Study led by Ural Federal University Shows Сonductivity of Individual Particles of a Lithium Battery Cathode

Scientists of the Ural Federal University together with the staff of the Institute of Materials of the University of Aveiro (Portugal) measured the conductivity of individual particles of the lithium battery cathode from Robert Bosch, GmbH using conductive atomic force microscopy. The study was carried out at the Ural Center for Shared Use “Modern Nanotechnologies” of the UrFU using the Russian atomic force microscope NTEGRA Aura.

The results are published in the journal Ultramicroscopy.

The operation of lithium-ion batteries is provided by the movement of free ions through a conductor between two electrodes: a positively charged cathode, a metal oxide, and a negatively charged anode, a porous carbon. During battery charging, ions move from the anode to the cathode, and during discharging, in the opposite direction. In lithium-ion batteries, lithium-manganese spinel is widely used as a cathode, distributed in the form of micron-sized particles in a carbon matrix. At the interface between the carbon and the spinel particle, there is an interfacial layer with increased electrical resistance, through which lithium ions pass when charging and discharging the battery. The study of the conductivity of individual particles of lithium-manganese spinel, as well as their surface layer, is of great importance for the development of more efficient batteries. However, the small grain size complicates such studies.

Conductive atomic force microscopy makes it possible to measure local electrical characteristics with spatial resolution down to tens of nanometers. The microscope scans the sample surface with a probe with a nanometer radius of curvature. During scanning, a conducting probe touches the surface of the sample pointwise, while an alternating voltage is applied to it and the current at the contact point is measured. Thus, scientists measured the conductivity of the surface layer of individual particles of lithium-manganese oxide, while applying an alternating voltage. Local volt-ampere characteristics were obtained, describing the relationship between the applied electric voltage and the current strength. Scientists have found that the surface layer of particles has high resistance and largely determines the dynamics of lithium ions. Moreover, with increasing voltage, the role of the surface layer increases, hindering the movement of ions.

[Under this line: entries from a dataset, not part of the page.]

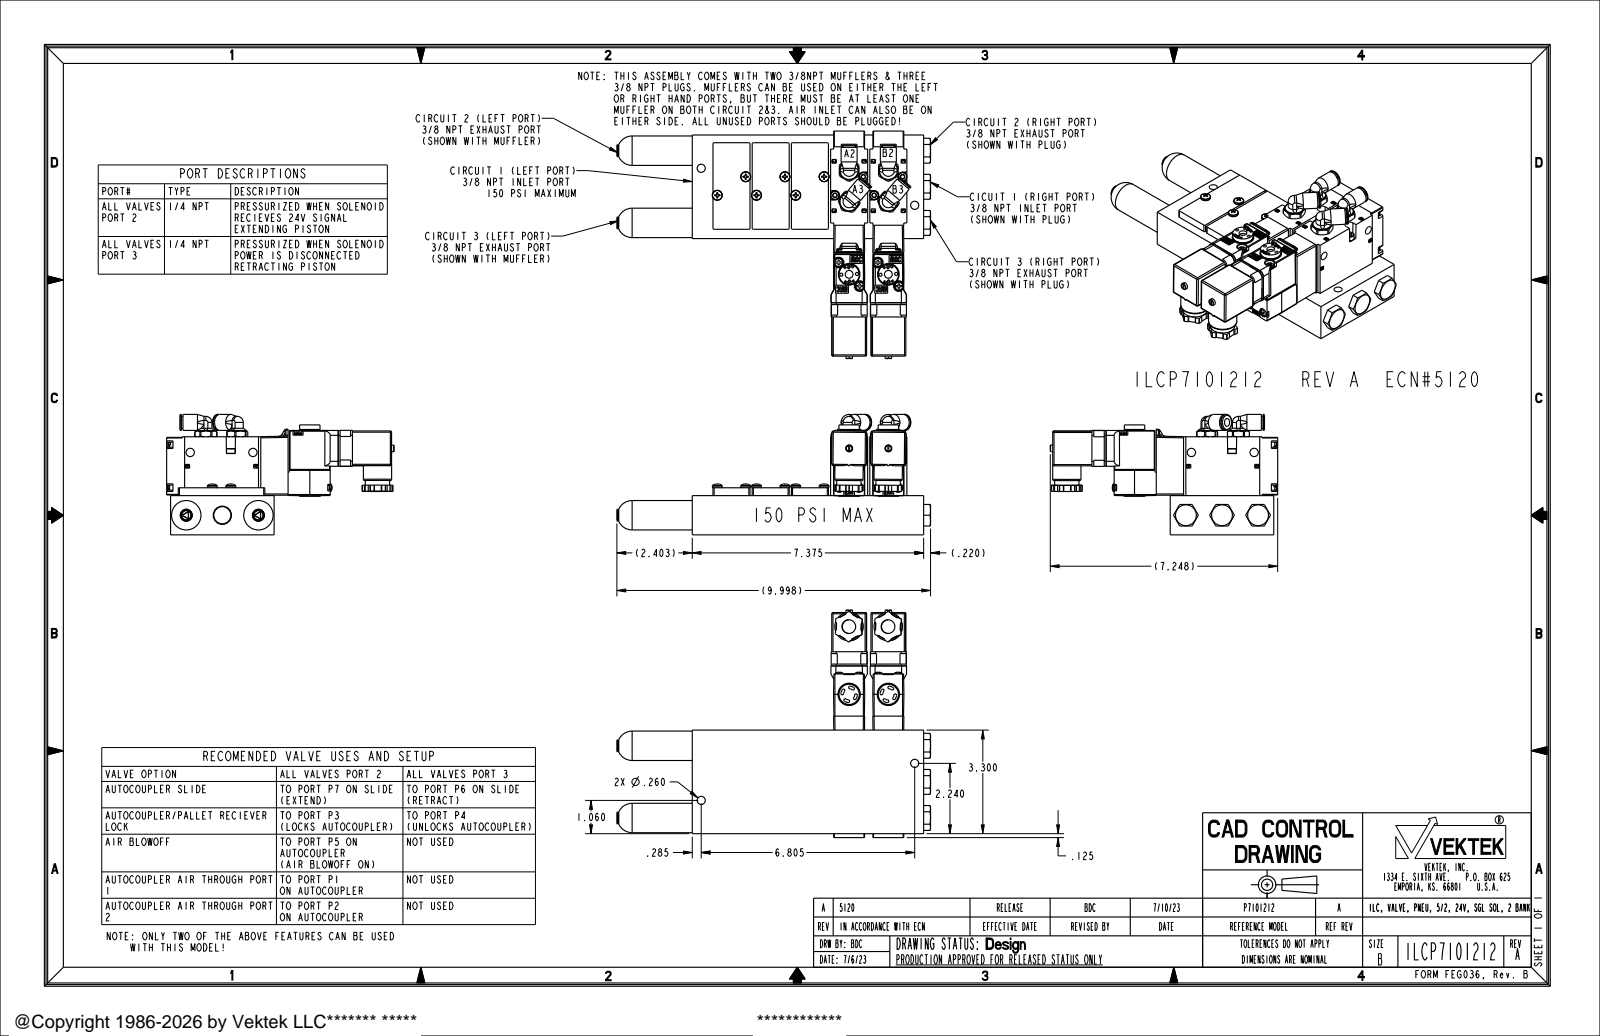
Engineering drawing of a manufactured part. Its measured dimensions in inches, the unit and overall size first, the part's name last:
Units: inches
Overall size (bounding box): 9.998 × 7.248 × 3.837
Round holes (diameter × count): ⌀0.138 ×8, ⌀0.25 ×8, ⌀0.098 ×4, ⌀0.11 ×4, ⌀0.126 ×4, ⌀0.254 ×4, ⌀0.287 ×4, ⌀0.108 ×2, ⌀0.11 ×2, ⌀0.236 ×2, ⌀0.248 ×2, ⌀0.26 ×2
Round bosses / shafts (diameter × count): ⌀0.276 ×12, ⌀0.256 ×8, ⌀0.375 ×6, ⌀0.65 ×4, ⌀0.581 ×4, ⌀0.51 ×4, ⌀0.267 ×4, ⌀0.937 ×2
Partial cylindrical surfaces — rounded edges, fillets, slot ends (radius × count): R0.015 ×72, R0.008 ×48, R0.039 ×40, R0.01 ×28, R0.02 ×25, R0.157 ×24, R0.031 ×23, R0.035 ×16
Main face-to-face distances: 1.25, 1.5, 3.3, 1.25, 0.25, 1.181, 1.083, 0.02, 0.098, 3.126
Hole centre spacings: 1.25, 1.03, 0.508, 0.515, 0.583, 0.589, 1.023, 1.023
Volume: 62.72 in³ · Surface area: 227.7 in²
Bodies: 3 solids, 3024 faces (1584 planar, 726 cylindrical, 714 other)
Part name (STEP PRODUCT): ILCP7101212
STEP written by: CREO PARAMETRIC BY PTC INC, 2021164 (AUTOMOTIVE_DESIGN)
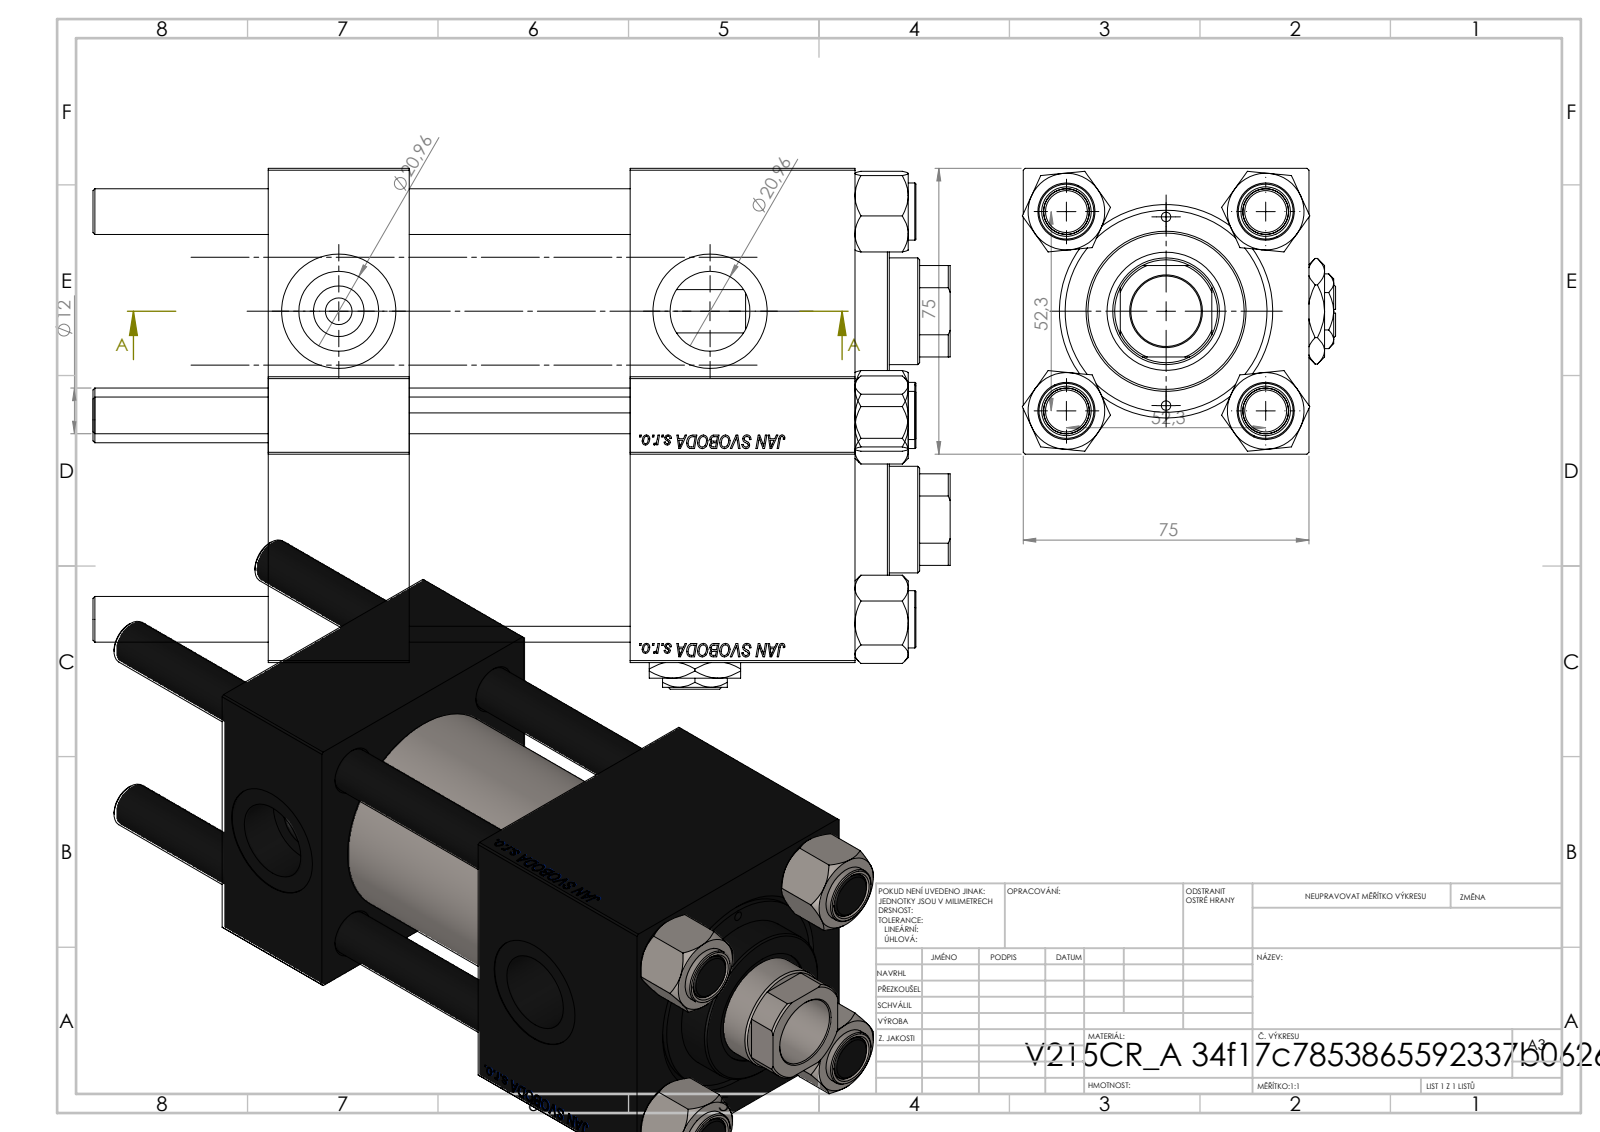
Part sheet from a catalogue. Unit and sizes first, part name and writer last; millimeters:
Units: millimetres
Overall size (bounding box): 225 × 82.22 × 75
Round holes (diameter × count): ⌀12 ×4, ⌀20.96 ×3, ⌀30 ×3, ⌀2.5 ×2, ⌀7 ×2, ⌀18.5 ×1, ⌀28 ×1, ⌀31 ×1, ⌀41 ×1, ⌀50 ×1, ⌀53 ×1
Round bosses / shafts (diameter × count): ⌀15 ×4, ⌀56 ×1, ⌀42 ×1
Partial cylindrical surfaces — rounded edges, fillets, slot ends (radius × count): R13.5 ×1
Main face-to-face distances: 75, 37, 154, 117, 95, 59, 58, 125.3, 88.3, 30.3
Hole centre spacings: 26.19, 36.98, 52.3, 57.22, 24.75, 73.96, 3.96, 49.5
Volume: 697 723 mm³ · Surface area: 169 209 mm²
Bodies: 12 solids, 1188 faces (545 planar, 87 cylindrical, 556 other)
Part name (STEP PRODUCT): CR025_012_A_0_G_A_G_M_020_+#_##_TYCINKA; V215CR_VCP; Zatka_pro_OIL_PORT; NUT_M5 (+2 more)
STEP written by: SolidWorks 2019 (CONFIG_CONTROL_DESIGN)

“This study allowed not only to study the dependence of local conductivity on the concentration of lithium on the surface of particles of lithium-ion conductors, but also to measure the distribution of lithium ions with high spatial resolution. The method used and the developed approaches to the analysis of the results can be successfully applied to study a wide range of conductive materials, “concluded one of the authors of the work, director of the UCKP” Modern Nanotechnologies” Ural Federal University Vladimir Shur.